Activity
Word for word, restate the line containing "line (-0.14589, -84.24153)" and all the lines that come after it in the entries below. Include nothing from before it.

Dataset entries
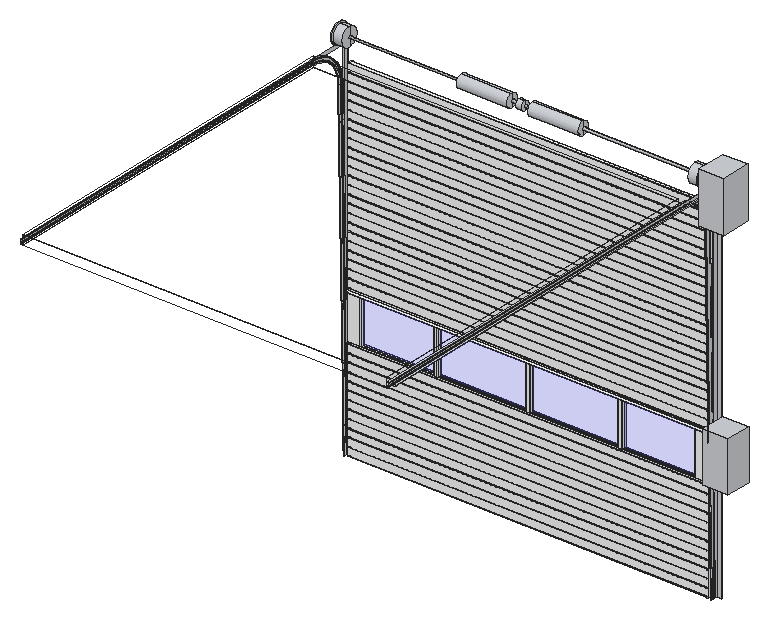
Revit family "EX3720 Complete Door - DraftA", category Doors, host Wall, Revit 2022 (continued)
Definition of nested family "Full Vision Section"
  Dimensions and locks (in)
    "Half Rail Width": plane 2 "Center (Left/Right)" to plane 8
    "Half Rail Width": plane 7 to plane 2 "Center (Left/Right)"
    locked: Extrusion 3 sketch curve to Extrusion 3 sketch curve at 0.25
    radius of Extrusion 2 sketch curve = 0' - 0.12427"
    radius of Extrusion 2 sketch curve = 0' - 0.12444"
    radius of Extrusion 1 sketch curve = 0' - 0.12517"
    radius of Extrusion 1 sketch curve = 0' - 0.12664"
    aligned and locked: Extrusion 1 sketch curve to Extrusion 1 sketch curve  (x3)
    aligned and locked: Extrusion 2 sketch curve to Extrusion 1  (x3)
    aligned and locked: Extrusion 1 to Extrusion 2 sketch curve  (x3)
    aligned and locked: Extrusion 2 sketch curve to Extrusion 2 sketch curve  (x3)
    aligned: Extrusion 3 sketch curve to Extrusion 2
    aligned: Extrusion 3 sketch curve to Extrusion 1
    aligned and locked: Extrusion 3 sketch curve to Extrusion 1
    aligned and locked: Extrusion 4 sketch curve to Extrusion 4 sketch curve  (x3)
    aligned and locked: Extrusion 4 sketch curve to Extrusion 2
    aligned and locked: Extrusion 5 sketch curve to Extrusion 5 sketch curve  (x3)
    aligned and locked: Extrusion 5 sketch curve to Extrusion 2
    aligned and locked: nested 1 to Extrusion 2  (x2)
    aligned and locked: Extrusion 4 to Extrusion 3
    aligned and locked: Extrusion 1 to Extrusion 4
    aligned and locked: Extrusion 6 sketch curve to Extrusion 4
    aligned and locked: Extrusion 6 sketch curve to Extrusion 2
    aligned and locked: plane 2 "Center (Left/Right)" to nested 1
    aligned and locked: nested 1 to plane 5
    aligned and locked: Extrusion 5 sketch curve to plane 6
    aligned and locked: Extrusion 4 sketch curve to plane 9
    aligned and locked: plane 11 to nested 2
    aligned and locked: Extrusion 4 to nested 2
    aligned and locked: nested 2 to Extrusion 1
    aligned and locked: Extrusion 3 sketch curve to Extrusion 4  (x2)
  Automatic sketch dimensions
    Extrusion 1 sketch curve to level = 0' - 0"
    Extrusion 1 sketch curve to plane 5 = 0' - 0"
    Extrusion 1 sketch curve to Extrusion 1 sketch curve = 0' - 0 3/16"
    Extrusion 2 sketch curve to plane 5 = 0' - 0.50146"
    level to Extrusion 2 sketch curve = 1' - 10 21/32"
    Extrusion 2 sketch curve to Extrusion 2 sketch curve = 0' - 0 1/2"
  Nested families (in)
    nested 1: "Int Stile for Single" at (0, -3.5, 0.84375), visible <- "SingleStileVis", type "Single"
      with Stile Height 1' - 10 5/16"
    nested 2: "902 Int Stile Array" at (0, -3.5, 0.84375), visible <- "ArrayStileVis", type "Array"
      with NumIntStiles 2
  Definition of nested family "Int Stile for Single"
    Parameters
      Stile Height = 1' - 8 5/32"
      Frame Material = none
      Default Elevation = 0' - 0"
      Assembly Code = ""
    Reference planes (in)
      plane 1 "Center (Front/Back)": y = 0
      plane 2: z = 0
      plane 3 "Center (Left/Right)": x = 0
      plane 4: z = 20.15625
    Forms (in)
      Extrusion 1, solid, material <- "Frame Material"
        sketch origin (0, 0, 0) x (1, 0, 0) y (0, 1, 0)
          loop
            line (-0.65625, 0) -> (-0.65625, -0.125) -> (-0.78125, -0.125) -> (-1.15625, -0.5) -> (-1.15625, -0.63751) -> (-0.65625, -0.63751) -> (-0.65625, -0.88751) -> (-1.15625, -0.88751) -> (-1.15625, -1.88751) -> (-0.65625, -1.88751) -> (-0.65625, -2.125) -> (0.65625, -2.125) -> (0.65625, -1.88751) -> (1.15625, -1.88751) -> (1.15625, -0.88751) -> (0.65625, -0.88751) -> (0.65625, -0.63751) -> (1.15625, -0.63751) -> (1.15625, -0.5) -> (0.78125, -0.125) -> (0.65625, -0.125) -> (0.65625, 0) -> (-0.65625, 0)
        from 0 to 20.15625 <- "Stile Height"
    Dimensions and locks (in)
      "Stile Height": level to plane 4
      locked: Extrusion 1 sketch curve to Extrusion 1 sketch curve at 1.3125
      locked: Extrusion 1 sketch curve to Extrusion 1 sketch curve at 0.5  (x2)
      locked: Extrusion 1 sketch curve to plane 3 "Center (Left/Right)" at 1.15625
      locked: Extrusion 1 sketch curve to Extrusion 1 sketch curve at 2.125
      locked: Extrusion 1 sketch curve to Extrusion 1 sketch curve at 0.25
      locked: Extrusion 1 sketch curve to Extrusion 1 sketch curve at 1
      locked: Extrusion 1 sketch curve to Extrusion 1 sketch curve at 0.375  (x4)
      locked: Extrusion 1 sketch curve to Extrusion 1 sketch curve at 0.125  (x3)
      aligned and locked: plane 2 to level
      aligned and locked: Extrusion 1 sketch curve to Extrusion 1 sketch curve  (x8)
    Automatic sketch dimensions
      plane 1 "Center (Front/Back)" to Extrusion 1 sketch curve = 0' - 0"
      Extrusion 1 sketch curve to Extrusion 1 sketch curve = 0' - 0.23749"
  Definition of nested family "902 Int Stile Array"
    Parameters
      Stile Height = 1' - 10 5/16"
      NumIntStiles = 4
      IntStileCtrCtr = 3' - 8"
      Frame Material = none
      Default Elevation = 0' - 0"
      Assembly Code = ""
    Reference planes (in)
      plane 1 "Center (Front/Back)": y = 0
      plane 2: z = 0
      plane 3 "Center (Left/Right)": x = 0
      plane 4: z = 22.3125
      plane 5: x = 1.15625
      plane 6: x = -42.84375
    Forms (in)
      Extrusion 1, solid, material <- "Frame Material"
        sketch origin (0, 0, 0) x (1, 0, 0) y (0, 1, 0)
          loop
            line (-0.65625, 0) -> (-0.65625, -0.125) -> (-0.78125, -0.125) -> (-1.15625, -0.5) -> (-1.15625, -0.63751) -> (-0.65625, -0.63751) -> (-0.65625, -0.88751) -> (-1.15625, -0.88751) -> (-1.15625, -1.88751) -> (-0.65625, -1.88751) -> (-0.65625, -2.125) -> (0.65625, -2.125) -> (0.65625, -1.88751) -> (1.15625, -1.88751) -> (1.15625, -0.88751) -> (0.65625, -0.88751) -> (0.65625, -0.63751) -> (1.15625, -0.63751) -> (1.15625, -0.5) -> (0.78125, -0.125) -> (0.65625, -0.125) -> (0.65625, 0) -> (-0.65625, 0)
        from 0 to 22.3125 <- "Stile Height"
      Extrusion 2, solid, material <- "Frame Material"
        sketch origin (-44, 0, 0) x (1, 0, 0) y (0, 1, 0)
          loop
            line (-0.65625, 0) -> (-0.65625, -0.125) -> (-0.78125, -0.125) -> (-1.15625, -0.5) -> (-1.15625, -0.63751) -> (-0.65625, -0.63751) -> (-0.65625, -0.88751) -> (-1.15625, -0.88751) -> (-1.15625, -1.88751) -> (-0.65625, -1.88751) -> (-0.65625, -2.125) -> (0.65625, -2.125) -> (0.65625, -1.88751) -> (1.15625, -1.88751) -> (1.15625, -0.88751) -> (0.65625, -0.88751) -> (0.65625, -0.63751) -> (1.15625, -0.63751) -> (1.15625, -0.5) -> (0.78125, -0.125) -> (0.65625, -0.125) -> (0.65625, 0) -> (-0.65625, 0)
        from 0 to 22.3125 <- "Stile Height"
      Extrusion 3, solid, material <- "Frame Material"
        sketch origin (-88, 0, 0) x (1, 0, 0) y (0, 1, 0)
          loop
            line (-0.65625, 0) -> (-0.65625, -0.125) -> (-0.78125, -0.125) -> (-1.15625, -0.5) -> (-1.15625, -0.63751) -> (-0.65625, -0.63751) -> (-0.65625, -0.88751) -> (-1.15625, -0.88751) -> (-1.15625, -1.88751) -> (-0.65625, -1.88751) -> (-0.65625, -2.125) -> (0.65625, -2.125) -> (0.65625, -1.88751) -> (1.15625, -1.88751) -> (1.15625, -0.88751) -> (0.65625, -0.88751) -> (0.65625, -0.63751) -> (1.15625, -0.63751) -> (1.15625, -0.5) -> (0.78125, -0.125) -> (0.65625, -0.125) -> (0.65625, 0) -> (-0.65625, 0)
        from 0 to 22.3125 <- "Stile Height"
      Extrusion 4, solid, material <- "Frame Material"
        sketch origin (-132, 0, 0) x (1, 0, 0) y (0, 1, 0)
          loop
            line (-0.65625, 0) -> (-0.65625, -0.125) -> (-0.78125, -0.125) -> (-1.15625, -0.5) -> (-1.15625, -0.63751) -> (-0.65625, -0.63751) -> (-0.65625, -0.88751) -> (-1.15625, -0.88751) -> (-1.15625, -1.88751) -> (-0.65625, -1.88751) -> (-0.65625, -2.125) -> (0.65625, -2.125) -> (0.65625, -1.88751) -> (1.15625, -1.88751) -> (1.15625, -0.88751) -> (0.65625, -0.88751) -> (0.65625, -0.63751) -> (1.15625, -0.63751) -> (1.15625, -0.5) -> (0.78125, -0.125) -> (0.65625, -0.125) -> (0.65625, 0) -> (-0.65625, 0)
        from 0 to 22.3125 <- "Stile Height"
    Dimensions and locks (in)
      "Stile Height": level to plane 4
      locked: Extrusion 1 sketch curve to Extrusion 1 sketch curve at 1.3125
      locked: Extrusion 1 sketch curve to Extrusion 1 sketch curve at 0.5  (x2)
      locked: Extrusion 1 sketch curve to Extrusion 1 sketch curve at 2.125
      locked: Extrusion 1 sketch curve to Extrusion 1 sketch curve at 0.25
      locked: Extrusion 1 sketch curve to Extrusion 1 sketch curve at 1
      locked: Extrusion 1 sketch curve to Extrusion 1 sketch curve at 0.375  (x4)
      locked: Extrusion 1 sketch curve to Extrusion 1 sketch curve at 0.125  (x3)
      locked: Extrusion 2 sketch curve to Extrusion 2 sketch curve at 1.3125
      locked: Extrusion 2 sketch curve to Extrusion 2 sketch curve at 0.5  (x2)
      locked: Extrusion 2 sketch curve to Extrusion 2 sketch curve at 2.125
      locked: Extrusion 2 sketch curve to Extrusion 2 sketch curve at 0.25
      locked: Extrusion 2 sketch curve to Extrusion 2 sketch curve at 1
      locked: Extrusion 2 sketch curve to Extrusion 2 sketch curve at 0.375  (x4)
      locked: Extrusion 2 sketch curve to Extrusion 2 sketch curve at 0.125  (x3)
      equal spacing: group 4, group 3, group 2, group 1
      equal spacing: group 1, group 2, group 3, group 4  (x2)
      "IntStileCtrCtr": plane 5 to plane 6
      locked: Extrusion 3 sketch curve to Extrusion 3 sketch curve at 1.3125
      locked: Extrusion 3 sketch curve to Extrusion 3 sketch curve at 0.5  (x2)
      locked: Extrusion 3 sketch curve to Extrusion 3 sketch curve at 2.125
      locked: Extrusion 3 sketch curve to Extrusion 3 sketch curve at 0.25
      locked: Extrusion 3 sketch curve to Extrusion 3 sketch curve at 1
      locked: Extrusion 3 sketch curve to Extrusion 3 sketch curve at 0.375  (x4)
      locked: Extrusion 3 sketch curve to Extrusion 3 sketch curve at 0.125  (x3)
      locked: Extrusion 4 sketch curve to Extrusion 4 sketch curve at 1.3125
      locked: Extrusion 4 sketch curve to Extrusion 4 sketch curve at 0.5  (x2)
      locked: Extrusion 4 sketch curve to Extrusion 4 sketch curve at 2.125
      locked: Extrusion 4 sketch curve to Extrusion 4 sketch curve at 0.25
      locked: Extrusion 4 sketch curve to Extrusion 4 sketch curve at 1
      locked: Extrusion 4 sketch curve to Extrusion 4 sketch curve at 0.375  (x4)
      locked: Extrusion 4 sketch curve to Extrusion 4 sketch curve at 0.125  (x3)
      aligned and locked: plane 2 to level
      aligned and locked: Extrusion 1 sketch curve to Extrusion 1 sketch curve  (x8)
      aligned and locked: Extrusion 2 sketch curve to Extrusion 2 sketch curve  (x8)
      aligned and locked: plane 5 to Extrusion 1
      aligned and locked: plane 6 to Extrusion 2
      aligned and locked: Extrusion 3 sketch curve to Extrusion 3 sketch curve  (x8)
      aligned and locked: Extrusion 4 sketch curve to Extrusion 4 sketch curve  (x8)
    Automatic sketch dimensions
      Extrusion 1 sketch curve to Extrusion 1 sketch curve = 0' - 0.23749"
      Extrusion 2 sketch curve to Extrusion 2 sketch curve = 0' - 0.23749"
      Extrusion 3 sketch curve to Extrusion 3 sketch curve = 0' - 0.23749"
      Extrusion 4 sketch curve to Extrusion 4 sketch curve = 0' - 0.23749"
Definition of nested family "Track - Standard Lift"
  Parameters (values of type "15" Radius")
    WallToRadiusCenter = Door Thickness + 0' 1" + Vertical Track Length * 0' 0 1/4" / 1' 0" + Track Radius  # 1' - 9.33333"
    VerticalAngleLength = Door Height + 0' 10"  # 14' - 10"
    Vertical Track Length = Door Height - 0' 8"  # 13' - 4"
    TrackToTrack = CenterToLHTrack * 2  # 14' - 0"
    Roof Pitch = 0
    Operator - Trolley = no
    Operator - Jack Shaft Right = yes
    Operator - Jack Shaft Left = no
    HorizontalAngleLength = -(Horizontal Track Length + Track Radius + Vertical Track Length * 0.25 / 12 + 0' 2" - 0' 1" * Roof Pitch)  # -16' - 2.33333"
    Horizontal Track Length = Door Height + 1' 9" - Track Radius  # 14' - 6"
    FloorToTrolleyRail = FloorToShaftCL + 0' 6" - 0' 0 77/256" * Roof Pitch  # 15' - 8"
    FloorToShaftCL = Door Height + Track Radius - 0' 1"  # 15' - 2"
    FloorToJackShaft = Door Height + 1' 10"  # 15' - 10"
    Double Torsion Shaft = no
    Door Width = 13' - 10"
    Door Thickness = 0' - 2"
    Door Height = 14' - 0"
    Default Elevation = 0' - 0"
    Control Box Right = yes
    Control Box Left = no
    CenterToLHTrack = Door Width / 2 + 0' 1" + Roof Pitch * 0' 0"  # 7' - 0"
    Track Radius = if([12" Radius Track], 1' 0", 1' 3")  # 1' - 3"
    HorizontalTrackAngle = 90.00°
    CenterToRHTrack = -CenterToLHTrack  # -7' - 0"
    CenterToJackShaft = Door Width / 2 + 0' 5"  # 7' - 4"
    15" Radius Track = yes
    12" Radius Track = not([15" Radius Track])  # no
  Types (2): name | WallToRadiusCenter | TrackToTrack | Horizontal Track Length | FloorToTrolleyRail | FloorToShaftCL | Door Width | Control Box Left | CenterToLHTrack | Track Radius | CenterToRHTrack | CenterToJackShaft | 15" Radius Track | 12" Radius Track
    15" Radius | 1' - 9.33333" | 14' - 0" | 14' - 6" | 15' - 8" | 15' - 2" | 13' - 10" | no | 7' - 0" | 1' - 3" | -7' - 0" | 7' - 4" | yes | no
    12" Radius | 1' - 6.33333" | 14' - 4" | 14' - 9" | 15' - 5" | 14' - 11" | 14' - 2" | yes | 7' - 2" | 1' - 0" | -7' - 2" | 7' - 6" | no | yes
  Reference planes (in)
    plane 1: y = 0
    plane 2 "Center (Left/Right)": x = 0
    plane 3 "Wall Edge": y = 3
    plane 4: y = 24.33333
    plane 5: z = 160
    plane 6: x = 84
    plane 7: x = -84
  Forms (in)
    Sweep 1, solid
      path in 3D
        loop
          line (0, 198.33333, 175) -> (0, 24.33333, 175)
          arc (0, 24.33333, 175) -> (0, 13.83778, 170.71649) -> (0, 9.33659, 160.31243) r 15
          line (0, 9.33659, 160.31243) -> (0, 5.99672, 0)
      profile "Track Profile : Track Profile" origin (0, 7.66665, 80.15622) x (0, 0.999783, -0.020829) y (1, 0, 0)
        loop
          line (-2.03223, 84) -> (-1.97364, 84) -> (-1.97364, 84.826)
          arc (-1.97364, 84.826) -> (-1.9457, 84.89346) -> (-1.87823, 84.92141) r 0.09541
          line (-1.87823, 84.92141) -> (-0.65812, 84.92141)
          arc (-0.65812, 84.92141) -> (-0.63212, 84.9187) -> (-0.60723, 84.91071) r 0.12641
          line (-0.60723, 84.91071) -> (-0.20802, 84.73513)
          arc (-0.20802, 84.73513) -> (-0.05845, 84.52266) -> (-0.17676, 84.29133) r 0.25141
          line (-0.17676, 84.29133) -> (-0.46311, 84.1138) -> (-0.43223, 84.064) -> (-0.14589, 84.24153)
          arc (-0.14589, 84.24153) -> (0, 84.52678) -> (-0.18443, 84.78877) r 0.31
          line (-0.18443, 84.78877) -> (-0.58364, 84.96434)
          arc (-0.58364, 84.96434) -> (-0.62007, 84.97604) -> (-0.65812, 84.98) r 0.185
          line (-0.65812, 84.98) -> (-1.87823, 84.98)
          arc (-1.87823, 84.98) -> (-1.98713, 84.93489) -> (-2.03223, 84.826) r 0.154
          line (-2.03223, 84.826) -> (-2.03223, 84)
    Sweep 2, solid
      path in 3D
        loop
          line (0, 198.33333, 175) -> (0, 24.33333, 175)
          arc (0, 24.33333, 175) -> (0, 13.83778, 170.71649) -> (0, 9.33659, 160.31243) r 15
          line (0, 9.33659, 160.31243) -> (0, 5.99672, 0)
      profile "Track Profile : Track Profile" origin (0, 7.66665, 80.15622) x (0, 0.999783, -0.020829) y (1, 0, 0)
        loop
          line (-2.03223, -84) -> (-2.03223, -84.826)
          arc (-2.03223, -84.826) -> (-1.98713, -84.93489) -> (-1.87823, -84.98) r 0.154
          line (-1.87823, -84.98) -> (-0.65812, -84.98)
          arc (-0.65812, -84.98) -> (-0.62007, -84.97604) -> (-0.58364, -84.96434) r 0.185
          line (-0.58364, -84.96434) -> (-0.18443, -84.78877)
          arc (-0.18443, -84.78877) -> (0, -84.52678) -> (-0.14589, -84.24153) r 0.31
          line (-0.14589, -84.24153) -> (-0.43223, -84.064) -> (-0.46311, -84.1138) -> (-0.17676, -84.29133)
          arc (-0.17676, -84.29133) -> (-0.05845, -84.52266) -> (-0.20802, -84.73513) r 0.25141
          line (-0.20802, -84.73513) -> (-0.60723, -84.91071)
          arc (-0.60723, -84.91071) -> (-0.63212, -84.9187) -> (-0.65812, -84.92141) r 0.12641
          line (-0.65812, -84.92141) -> (-1.87823, -84.92141)
          arc (-1.87823, -84.92141) -> (-1.9457, -84.89346) -> (-1.97364, -84.826) r 0.09541
          line (-1.97364, -84.826) -> (-1.97364, -84) -> (-2.03223, -84)
    Extrusion 3, solid
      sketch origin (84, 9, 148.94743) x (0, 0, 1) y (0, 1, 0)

Response
          line (-0.14589, -84.24153) -> (-0.43223, -84.064) -> (-0.46311, -84.1138) -> (-0.17676, -84.29133)
          arc (-0.17676, -84.29133) -> (-0.05845, -84.52266) -> (-0.20802, -84.73513) r 0.25141
          line (-0.20802, -84.73513) -> (-0.60723, -84.91071)
          arc (-0.60723, -84.91071) -> (-0.63212, -84.9187) -> (-0.65812, -84.92141) r 0.12641
          line (-0.65812, -84.92141) -> (-1.87823, -84.92141)
          arc (-1.87823, -84.92141) -> (-1.9457, -84.89346) -> (-1.97364, -84.826) r 0.09541
          line (-1.97364, -84.826) -> (-1.97364, -84) -> (-2.03223, -84)
    Extrusion 3, solid
      sketch origin (84, 9, 148.94743) x (0, 0, 1) y (0, 1, 0)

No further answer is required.